## Records provided
--------------------

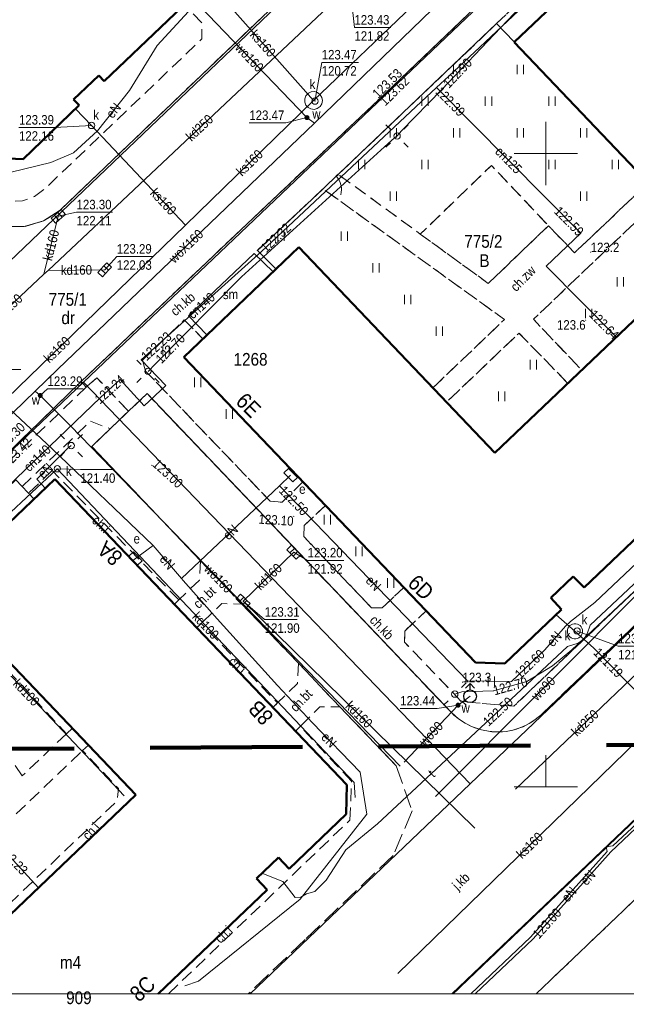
# Model space of a CAD drawing. Extents: x 6439600 to 6443631, y 5654340 to 5654937.
# Tile 7 of 54: x 6440858 to 6440906, y 5654403 to 5654481. Entities that reach past the tile are written whole.
import ezdxf
from ezdxf.enums import TextEntityAlignment as Align

# ---------------------------------------------------------------- set-up
doc = ezdxf.new("R2010")
doc.units = 0
doc.header["$MEASUREMENT"] = 0
for name, pattern in [('1.0_0.5', [1.5, 1, -0.5]), ('1.5_0.5', [2, 1.5, -0.5]), ('2', [0.9, 0.6, -0.3]), ('219-500', [0]), ('otof_500', [0]), ('PRZER2-1', [3, 2, -1])]:
    doc.linetypes.add(name, pattern=pattern)
doc.layers.get('0').update_dxf_attribs({"color": 2, "linetype": 'CONTINUOUS', "lineweight": 5})
doc.layers.add('1ramki', color=7, linetype='PRZER2-1', lineweight=18)
doc.layers.add('z - kartowanie', color=2, linetype='CONTINUOUS', lineweight=5)
for name, color, linetype in [('203-punkt graniczny', 7, 'CONTINUOUS'), ('209-oznaczenie konturu klasyfikacyjnego', 7, 'CONTINUOUS'), ('210-oznaczenie konturu użytku gruntowego', 7, 'CONTINUOUS'), ('211-numer działki ewidencyjnej', 7, 'CONTINUOUS'), ('218-kontur użytku gruntowego', 7, 'CONTINUOUS'), ('219-działka ewidencyjna', 7, 'CONTINUOUS'), ('238-Punkt adresowy budynku', 7, 'CONTINUOUS'), ('312-budynek ewidencyjny', 7, 'CONTINUOUS'), ('312-oznaczenie budynku ewidencyjnego', 7, 'CONTINUOUS'), ('312-oznaczenie budynku ewidencyjnego-Atr117', 7, 'CONTINUOUS'), ('chodnik', 7, 'CONTINUOUS'), ('chodnik-Atr17', 7, 'CONTINUOUS'), ('furtka', 7, 'CONTINUOUS'), ('hydrant', 7, 'CONTINUOUS'), ('jezdnia', 7, 'CONTINUOUS'), ('jezdnia-Atr17', 7, 'CONTINUOUS'), ('komora podziemna', 7, 'CONTINUOUS'), ('kratka ściekowa', 7, 'CONTINUOUS'), ('krawężnik', 7, 'CONTINUOUS'), ('latarnia', 7, 'CONTINUOUS'), ('ogrodzenie trwałe', 7, 'CONTINUOUS'), ('pikieta naturalna', 7, 'CONTINUOUS'), ('pikieta naturalna-Atr2', 7, 'CONTINUOUS'), ('pikieta sztuczna', 7, 'CONTINUOUS'), ('pikieta sztuczna-Atr2', 7, 'CONTINUOUS'), ('plac gier i zabaw', 7, 'CONTINUOUS'), ('przewód ciepłowniczy', 7, 'CONTINUOUS'), ('przewód ciepłowniczy-Atr1', 7, 'CONTINUOUS'), ('przewód elektroenergetyczny podziemny', 7, 'CONTINUOUS'), ('przewód elektroenergetyczny podziemny-Atr1', 7, 'CONTINUOUS'), ('przewód kanalizacyjny', 7, 'CONTINUOUS'), ('przewód kanalizacyjny-Atr1', 7, 'CONTINUOUS'), ('przewód telekomunikacyjny podziemny', 7, 'CONTINUOUS'), ('przewód telekomunikacyjny podziemny-Atr1', 7, 'CONTINUOUS'), ('przewód wodociągowy', 7, 'CONTINUOUS'), ('przewód wodociągowy-Atr1', 7, 'CONTINUOUS'), ('rzedna', 7, 'CONTINUOUS'), ('rzedna-Atr2', 7, 'CONTINUOUS'), ('rzedna-Atr3', 7, 'CONTINUOUS'), ('studnia kanalizacyjna', 7, 'CONTINUOUS'), ('studnia kanalizacyjna-Atr17', 7, 'CONTINUOUS'), ('szafa elektroenergetyczna lub kontener', 7, 'CONTINUOUS'), ('szafa elektroenergetyczna lub kontener-Atr17', 7, 'CONTINUOUS'), ('trawnik', 7, 'CONTINUOUS'), ('właz do komory lub kanału - okrągły', 7, 'CONTINUOUS'), ('właz do komory lub kanału - okrągły-Atr17', 7, 'CONTINUOUS'), ('Zakres', 7, 'CONTINUOUS'), ('zasuwa lub zawór', 7, 'CONTINUOUS'), ('zasuwa lub zawór-Atr17', 7, 'CONTINUOUS')]:
    doc.layers.add(name, color=color, linetype=linetype)
doc.styles.add('MapaZas', font='geodezja.shx', dxfattribs={"width": 0.9})
doc.linetypes.add('902-500', pattern='A,3.75,0,[1,ksztalty.shx,S=0.5,R=0,X=0,Y=0],3.75', length=7.5)

# ---------------------------------------------------------------- blocks, each defined once
blk = doc.blocks.new('203')
at = {"linetype": 'Continuous', "lineweight": 0}
h = blk.add_hatch(color=0, dxfattribs=at)
edge = h.paths.add_edge_path()
edge.add_arc((0, 0), 0.045, 0, 360)
blk = doc.blocks.new('TU04')
at = {"color": 0, "linetype": 'Continuous', "lineweight": 13}
for p, q in [((0, 0), (0, 0.75)), ((0.5, 0), (0.5, 0.75))]:
    blk.add_line(p, q, dxfattribs=at)
blk = doc.blocks.new('PW01')
at = {"linetype": 'Continuous', "lineweight": 13}
h = blk.add_hatch(color=0, dxfattribs=at)
edge = h.paths.add_edge_path()
edge.add_arc((0, 0), 0.045, 0, 360)
blk = doc.blocks.new('US22')
at = {"color": 0, "linetype": 'Continuous', "lineweight": 13}
blk.add_circle((0, 0), 0.25, dxfattribs=at)
blk = doc.blocks.new('SM01')
at = {"color": 0, "linetype": 'Continuous', "lineweight": 13}
for p, q in [((-0.53, 0.531), (-0.883, 0.884)), ((0.531, 0.531), (0.884, 0.884)), ((-0.53, -0.53), (-0.883, -0.883)), ((0.531, -0.53), (0.884, -0.883))]:
    blk.add_line(p, q, dxfattribs=at)
blk.add_circle((0, 0), 0.25, dxfattribs=at)
blk = doc.blocks.new('US25')
at = {"linetype": 'Continuous', "lineweight": 0}
h = blk.add_hatch(color=0, dxfattribs=at)
edge = h.paths.add_edge_path()
edge.add_arc((0, 0), 0.2, 0, 360)
blk = doc.blocks.new('SUWH')
at = {"color": 0, "linetype": 'Continuous'}
for p in [(-0.354, 0.646), (0, 0.5), (0.354, 0.646)]:
    blk.add_line(p, (0, 1), dxfattribs=at)
blk.add_circle((0, 0), 0.5, dxfattribs=at)
blk = doc.blocks.new('US05')
at = {"color": 0, "linetype": 'Continuous', "lineweight": 13}
for p, q in [((-0.525, -0.25), (-0.525, 0.25)), ((-0.525, 0.25), (-0.175, 0.25)), ((-0.175, -0.25), (-0.175, 0.25)), ((-0.175, 0.25), (0.175, 0.25)), ((0.175, -0.25), (0.175, 0.25)), ((0.175, 0.25), (0.525, 0.25)), ((0.525, -0.25), (0.525, 0.25)), ((-0.525, -0.25), (-0.175, -0.25)), ((-0.175, -0.25), (0.175, -0.25)), ((0.175, -0.25), (0.525, -0.25))]:
    blk.add_line(p, q, dxfattribs=at)
blk = doc.blocks.new('US18')
at = {"color": 0, "linetype": 'Continuous', "lineweight": 13}
for p, q in [((-0.5, -0.25), (-0.5, 0.25)), ((-0.5, 0.25), (0.5, 0.25)), ((0.5, -0.25), (0.5, 0.25)), ((-0.5, -0.25), (0.5, -0.25))]:
    blk.add_line(p, q, dxfattribs=at)
blk = doc.blocks.new('US15')
at = {"color": 0, "linetype": 'Continuous', "lineweight": 13}
blk.add_circle((0, 0), 0.25, dxfattribs=at)
blk = doc.blocks.new('OK04')
at = {"color": 0, "linetype": 'Continuous', "lineweight": 0}
blk.add_arc((1.5, 0.001), 1.5, 120, 180, dxfattribs=at)

msp = doc.modelspace()

# ---------------------------------------------------------------- linework, layer by layer
at = {"color": 0, "lineweight": 13}
for p, q in [((6440900, 5654467.516), (6440900, 5654472.516)), ((6440900, 5654467.516), (6440900, 5654472.516)), ((6440897.5, 5654470.016), (6440902.5, 5654470.016)), ((6440897.5, 5654470.016), (6440902.5, 5654470.016)), ((6440900, 5654420.016), (6440900, 5654422.516)), ((6440900, 5654420.016), (6440900, 5654422.516)), ((6440897.5, 5654420.016), (6440902.5, 5654420.016)), ((6440897.5, 5654420.016), (6440902.5, 5654420.016))]:
    msp.add_line(p, q, dxfattribs=at)
at = {"layer": '1ramki', "color": 0, "linetype": 'Continuous', "lineweight": 13}
msp.add_lwpolyline([(6441061.201, 5654403.694), (6440774.191, 5654403.694), (6440774.191, 5654606.899), (6441061.201, 5654606.899)], close=True, dxfattribs=at)
at = {"layer": '218-kontur użytku gruntowego', "color": 0, "linetype": 'Continuous', "lineweight": 13, "flags": 128}
for points in [[(6440855.91, 5654459.826), (6440903.35, 5654505.146)], [(6440903.35, 5654505.146), (6440855.91, 5654459.826)], [(6440863.53, 5654451.966), (6440910.96, 5654497.166)], [(6440910.96, 5654497.166), (6440863.53, 5654451.966)], [(6440894.03, 5654420.266), (6440941.45, 5654465.466)], [(6440941.45, 5654465.466), (6440894.03, 5654420.266)], [(6440826.87, 5654417.056), (6440863.53, 5654451.966)], [(6440863.53, 5654451.966), (6440826.87, 5654417.056)]]:
    msp.add_lwpolyline(points, dxfattribs=at)
at = {"layer": '218-kontur użytku gruntowego', "color": 0, "linetype": 'Continuous', "lineweight": 13}
for points in [[(6440876.69, 5654403.694), (6440894.03, 5654420.266)], [(6440894.03, 5654420.266), (6440876.69, 5654403.694)]]:
    msp.add_lwpolyline(points, dxfattribs=at)
at = {"layer": '219-działka ewidencyjna', "color": 0, "linetype": '219-500', "lineweight": 13, "flags": 128}
for points in [[(6440903.35, 5654505.146), (6440855.91, 5654459.826)], [(6440863.53, 5654451.966), (6440910.96, 5654497.166)], [(6440941.45, 5654465.466), (6440894.03, 5654420.266)], [(6440949.04, 5654457.536), (6440901.61, 5654412.296)], [(6440863.53, 5654451.966), (6440826.87, 5654417.056)], [(6440894.03, 5654420.266), (6440863.53, 5654451.966)]]:
    msp.add_lwpolyline(points, dxfattribs=at)
at = {"layer": '219-działka ewidencyjna', "color": 0, "linetype": '219-500', "lineweight": 13}
for points in [[(6440894.03, 5654420.266), (6440876.69, 5654403.694)], [(6440901.61, 5654412.296), (6440892.593, 5654403.694)]]:
    msp.add_lwpolyline(points, dxfattribs=at)
at = {"layer": '312-budynek ewidencyjny', "color": 0, "linetype": 'Continuous', "lineweight": 50, "flags": 128}
for points in [[(6440880.22, 5654490.136), (6440865.17, 5654475.726)], [(6440897.51, 5654478.806), (6440906.57, 5654487.436)], [(6440912.96, 5654462.576), (6440897.51, 5654478.806)], [(6440864.73, 5654476.186), (6440862.75, 5654474.286)], [(6440865.17, 5654475.726), (6440864.73, 5654476.186)], [(6440862.75, 5654474.286), (6440863.19, 5654473.846)], [(6440863.19, 5654473.846), (6440858.76, 5654469.586)], [(6440858.76, 5654469.586), (6440856.34, 5654469.676)], [(6440871.44, 5654453.956), (6440880.52, 5654462.626)], [(6440880.52, 5654462.626), (6440895.99, 5654446.386)], [(6440895.99, 5654446.386), (6440912.96, 5654462.576)], [(6440923.25, 5654455.036), (6440903.02, 5654435.756)], [(6440894.46, 5654429.836), (6440871.44, 5654453.956)], [(6440852.17, 5654435.636), (6440861.28, 5654444.306)], [(6440861.28, 5654444.306), (6440884.29, 5654420.186)], [(6440902.16, 5654436.636), (6440900.4, 5654434.946)], [(6440903.02, 5654435.756), (6440902.16, 5654436.636)], [(6440867.65, 5654419.406), (6440852.17, 5654435.636)], [(6440900.4, 5654434.946), (6440901.25, 5654434.036)], [(6440901.25, 5654434.036), (6440896.78, 5654429.766)], [(6440896.78, 5654429.766), (6440894.46, 5654429.836)], [(6440884.29, 5654420.186), (6440884.25, 5654417.856)], [(6440850.72, 5654403.236), (6440867.65, 5654419.406)], [(6440884.25, 5654417.856), (6440879.75, 5654413.556)], [(6440878.91, 5654414.456), (6440877.17, 5654412.796)], [(6440879.75, 5654413.556), (6440878.91, 5654414.456)], [(6440877.17, 5654412.796), (6440878.01, 5654411.906)]]:
    msp.add_lwpolyline(points, dxfattribs=at)
at = {"layer": '312-budynek ewidencyjny', "color": 0, "linetype": 'Continuous', "lineweight": 50}
msp.add_lwpolyline([(6440878.01, 5654411.906), (6440869.407, 5654403.694)], dxfattribs=at)
at = {"layer": 'chodnik', "color": 0, "linetype": '1.0_0.5', "lineweight": 13}
for p, q in [((6440896.12, 5654480.276), (6440908.04, 5654491.736)), ((6440883.63, 5654468.376), (6440896.12, 5654480.276)), ((6440882.64, 5654467.436), (6440883.47, 5654468.226)), ((6440883.47, 5654468.226), (6440883.63, 5654468.376)), ((6440877.25, 5654462.376), (6440882.43, 5654467.236)), ((6440882.43, 5654467.236), (6440882.64, 5654467.436)), ((6440878.71, 5654460.906), (6440877.25, 5654462.376)), ((6440878.48, 5654460.676), (6440878.71, 5654460.906)), ((6440868.18, 5654453.716), (6440871.48, 5654456.886)), ((6440871.48, 5654456.886), (6440872.95, 5654455.396)), ((6440872.95, 5654455.396), (6440873.18, 5654455.616)), ((6440868.43, 5654452.846), (6440868.18, 5654453.716)), ((6440878.25, 5654442.576), (6440868.43, 5654452.846)), ((6440864.58, 5654452.316), (6440863.75, 5654451.586)), ((6440867.08, 5654449.676), (6440864.58, 5654452.316)), ((6440863.75, 5654451.586), (6440820.82, 5654410.446)), ((6440865.63, 5654448.296), (6440867.08, 5654449.676)), ((6440858.689, 5654443.735), (6440864.07, 5654448.886)), ((6440864.07, 5654448.886), (6440865.63, 5654448.296)), ((6440861.06, 5654444.986), (6440859.186, 5654443.213)), ((6440871.05, 5654434.786), (6440861.06, 5654444.986)), ((6440859.63, 5654442.746), (6440861.28, 5654444.306)), ((6440861.28, 5654444.306), (6440870.7, 5654434.446)), ((6440880.84, 5654444.096), (6440879.19, 5654442.486)), ((6440882.62, 5654442.236), (6440880.84, 5654444.096)), ((6440853.78, 5654437.166), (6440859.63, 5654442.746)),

--------------------

## Prompt
For the string "import", give the number of lines in the records that contain it and nothing besides.

## Task answer
2